What is being asked:
Could you set down exactly the lines that start at the one containing "#299=FACE_BOUND('',#298,.T.);" and end at the final line of the material below?

——

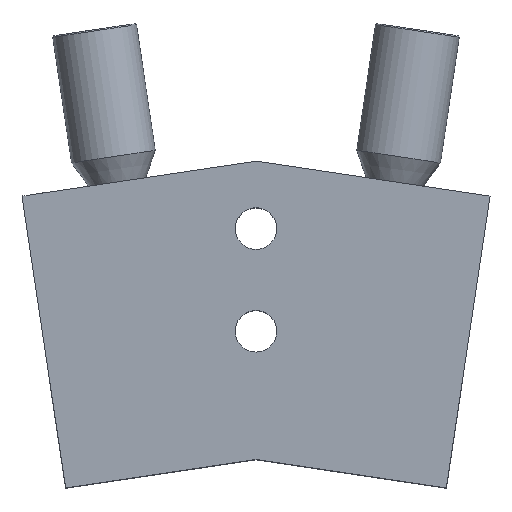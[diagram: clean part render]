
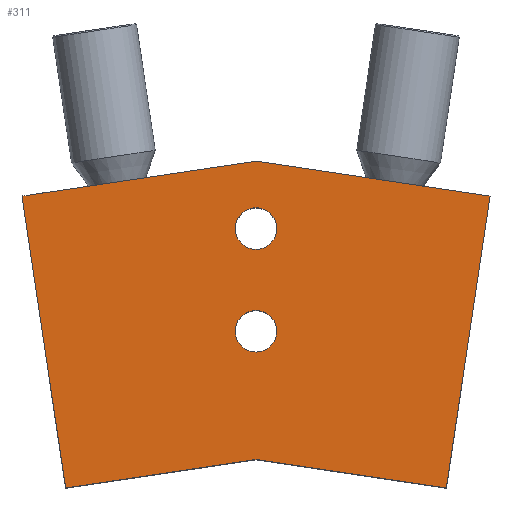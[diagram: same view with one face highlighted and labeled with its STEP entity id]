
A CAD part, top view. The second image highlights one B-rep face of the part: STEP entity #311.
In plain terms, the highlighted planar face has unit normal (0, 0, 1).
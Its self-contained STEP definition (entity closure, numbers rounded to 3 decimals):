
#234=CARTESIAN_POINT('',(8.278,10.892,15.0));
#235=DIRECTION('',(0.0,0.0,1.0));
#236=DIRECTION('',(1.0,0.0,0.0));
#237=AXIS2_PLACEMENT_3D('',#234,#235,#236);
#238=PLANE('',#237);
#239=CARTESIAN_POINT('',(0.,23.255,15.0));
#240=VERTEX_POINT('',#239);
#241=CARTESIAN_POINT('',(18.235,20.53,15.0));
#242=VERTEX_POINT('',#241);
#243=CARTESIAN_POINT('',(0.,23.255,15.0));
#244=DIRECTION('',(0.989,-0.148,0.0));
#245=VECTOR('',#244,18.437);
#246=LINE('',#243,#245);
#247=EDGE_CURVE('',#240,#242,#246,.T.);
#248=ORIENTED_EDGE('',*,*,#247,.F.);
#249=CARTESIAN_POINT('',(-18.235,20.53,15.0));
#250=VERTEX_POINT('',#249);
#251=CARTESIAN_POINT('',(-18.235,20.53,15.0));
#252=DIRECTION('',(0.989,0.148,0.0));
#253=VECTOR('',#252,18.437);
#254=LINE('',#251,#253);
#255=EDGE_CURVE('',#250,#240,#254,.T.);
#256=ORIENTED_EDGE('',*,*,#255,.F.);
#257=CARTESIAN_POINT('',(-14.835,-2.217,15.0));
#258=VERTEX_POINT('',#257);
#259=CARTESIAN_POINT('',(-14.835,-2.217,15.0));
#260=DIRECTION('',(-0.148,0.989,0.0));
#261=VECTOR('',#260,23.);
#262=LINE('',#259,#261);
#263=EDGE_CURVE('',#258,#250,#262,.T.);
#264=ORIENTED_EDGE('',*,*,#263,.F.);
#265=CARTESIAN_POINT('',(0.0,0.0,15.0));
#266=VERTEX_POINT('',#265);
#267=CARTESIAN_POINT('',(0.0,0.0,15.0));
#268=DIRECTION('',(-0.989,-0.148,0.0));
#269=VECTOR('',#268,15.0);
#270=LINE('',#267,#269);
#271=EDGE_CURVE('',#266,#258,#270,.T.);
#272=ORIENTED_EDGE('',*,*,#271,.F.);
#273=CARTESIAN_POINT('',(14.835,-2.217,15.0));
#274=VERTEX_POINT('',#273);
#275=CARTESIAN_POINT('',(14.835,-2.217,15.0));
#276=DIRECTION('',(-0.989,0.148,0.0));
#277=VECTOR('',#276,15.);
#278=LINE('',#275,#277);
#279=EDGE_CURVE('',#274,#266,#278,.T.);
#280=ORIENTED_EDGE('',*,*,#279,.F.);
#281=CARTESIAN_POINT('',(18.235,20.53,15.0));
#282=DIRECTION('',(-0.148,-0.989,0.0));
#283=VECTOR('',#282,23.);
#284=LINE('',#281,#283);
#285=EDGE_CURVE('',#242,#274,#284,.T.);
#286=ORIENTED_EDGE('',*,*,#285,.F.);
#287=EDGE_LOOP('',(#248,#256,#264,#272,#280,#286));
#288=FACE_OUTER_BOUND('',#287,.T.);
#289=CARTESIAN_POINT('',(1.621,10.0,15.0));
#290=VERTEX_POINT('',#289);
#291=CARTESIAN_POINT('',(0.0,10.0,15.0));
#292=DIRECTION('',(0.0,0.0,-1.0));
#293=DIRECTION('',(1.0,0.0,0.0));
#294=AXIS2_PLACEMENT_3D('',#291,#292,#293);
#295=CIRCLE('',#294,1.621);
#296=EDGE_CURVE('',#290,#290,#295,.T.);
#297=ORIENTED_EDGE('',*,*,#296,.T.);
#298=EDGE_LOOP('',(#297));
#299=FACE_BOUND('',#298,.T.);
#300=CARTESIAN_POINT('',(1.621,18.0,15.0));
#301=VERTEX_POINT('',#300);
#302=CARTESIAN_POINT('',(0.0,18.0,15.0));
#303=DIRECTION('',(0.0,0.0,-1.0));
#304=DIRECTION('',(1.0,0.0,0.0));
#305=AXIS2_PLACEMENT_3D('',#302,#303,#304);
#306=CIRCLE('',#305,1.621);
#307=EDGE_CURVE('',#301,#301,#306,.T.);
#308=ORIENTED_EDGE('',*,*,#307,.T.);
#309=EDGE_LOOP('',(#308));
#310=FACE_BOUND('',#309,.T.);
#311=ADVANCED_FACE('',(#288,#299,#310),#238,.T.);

——

Output for this exercise:
#299=FACE_BOUND('',#298,.T.);
#300=CARTESIAN_POINT('',(1.621,18.0,15.0));
#301=VERTEX_POINT('',#300);
#302=CARTESIAN_POINT('',(0.0,18.0,15.0));
#303=DIRECTION('',(0.0,0.0,-1.0));
#304=DIRECTION('',(1.0,0.0,0.0));
#305=AXIS2_PLACEMENT_3D('',#302,#303,#304);
#306=CIRCLE('',#305,1.621);
#307=EDGE_CURVE('',#301,#301,#306,.T.);
#308=ORIENTED_EDGE('',*,*,#307,.T.);
#309=EDGE_LOOP('',(#308));
#310=FACE_BOUND('',#309,.T.);
#311=ADVANCED_FACE('',(#288,#299,#310),#238,.T.);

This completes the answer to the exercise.